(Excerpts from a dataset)

%%

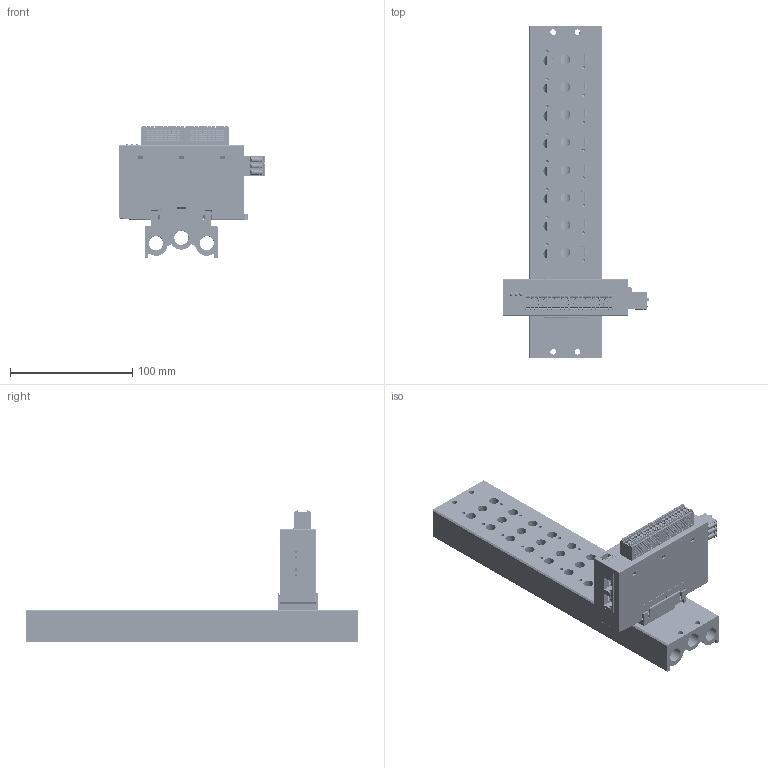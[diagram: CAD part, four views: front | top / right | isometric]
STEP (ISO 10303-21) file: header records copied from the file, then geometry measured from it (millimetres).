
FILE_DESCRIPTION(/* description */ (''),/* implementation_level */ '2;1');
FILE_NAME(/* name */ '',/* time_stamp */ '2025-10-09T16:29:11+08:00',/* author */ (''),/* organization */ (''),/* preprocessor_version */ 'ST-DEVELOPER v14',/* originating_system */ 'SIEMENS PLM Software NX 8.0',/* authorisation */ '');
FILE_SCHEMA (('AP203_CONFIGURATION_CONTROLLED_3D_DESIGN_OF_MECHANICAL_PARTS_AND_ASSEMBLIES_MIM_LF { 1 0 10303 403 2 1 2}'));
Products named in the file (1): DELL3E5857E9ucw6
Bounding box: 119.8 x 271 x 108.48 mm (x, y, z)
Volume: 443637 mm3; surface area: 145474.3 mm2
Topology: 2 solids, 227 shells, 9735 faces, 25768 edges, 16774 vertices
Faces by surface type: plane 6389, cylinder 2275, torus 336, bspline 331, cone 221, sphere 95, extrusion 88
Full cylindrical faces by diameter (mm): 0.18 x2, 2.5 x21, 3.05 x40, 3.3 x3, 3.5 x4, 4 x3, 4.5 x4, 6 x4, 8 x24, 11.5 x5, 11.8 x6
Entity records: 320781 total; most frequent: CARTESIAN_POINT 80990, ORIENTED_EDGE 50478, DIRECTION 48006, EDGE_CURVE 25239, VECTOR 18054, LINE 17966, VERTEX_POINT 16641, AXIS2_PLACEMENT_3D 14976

%%

* [Exercise goal]:
Your answer should consist only of the lines above between the line holding "Bounding box: 119.8" and the line holding "Full cylindrical faces", inclusive, each transcribed exactly.

* [Task solution]:
Bounding box: 119.8 x 271 x 108.48 mm (x, y, z)
Volume: 443637 mm3; surface area: 145474.3 mm2
Topology: 2 solids, 227 shells, 9735 faces, 25768 edges, 16774 vertices
Faces by surface type: plane 6389, cylinder 2275, torus 336, bspline 331, cone 221, sphere 95, extrusion 88
Full cylindrical faces by diameter (mm): 0.18 x2, 2.5 x21, 3.05 x40, 3.3 x3, 3.5 x4, 4 x3, 4.5 x4, 6 x4, 8 x24, 11.5 x5, 11.8 x6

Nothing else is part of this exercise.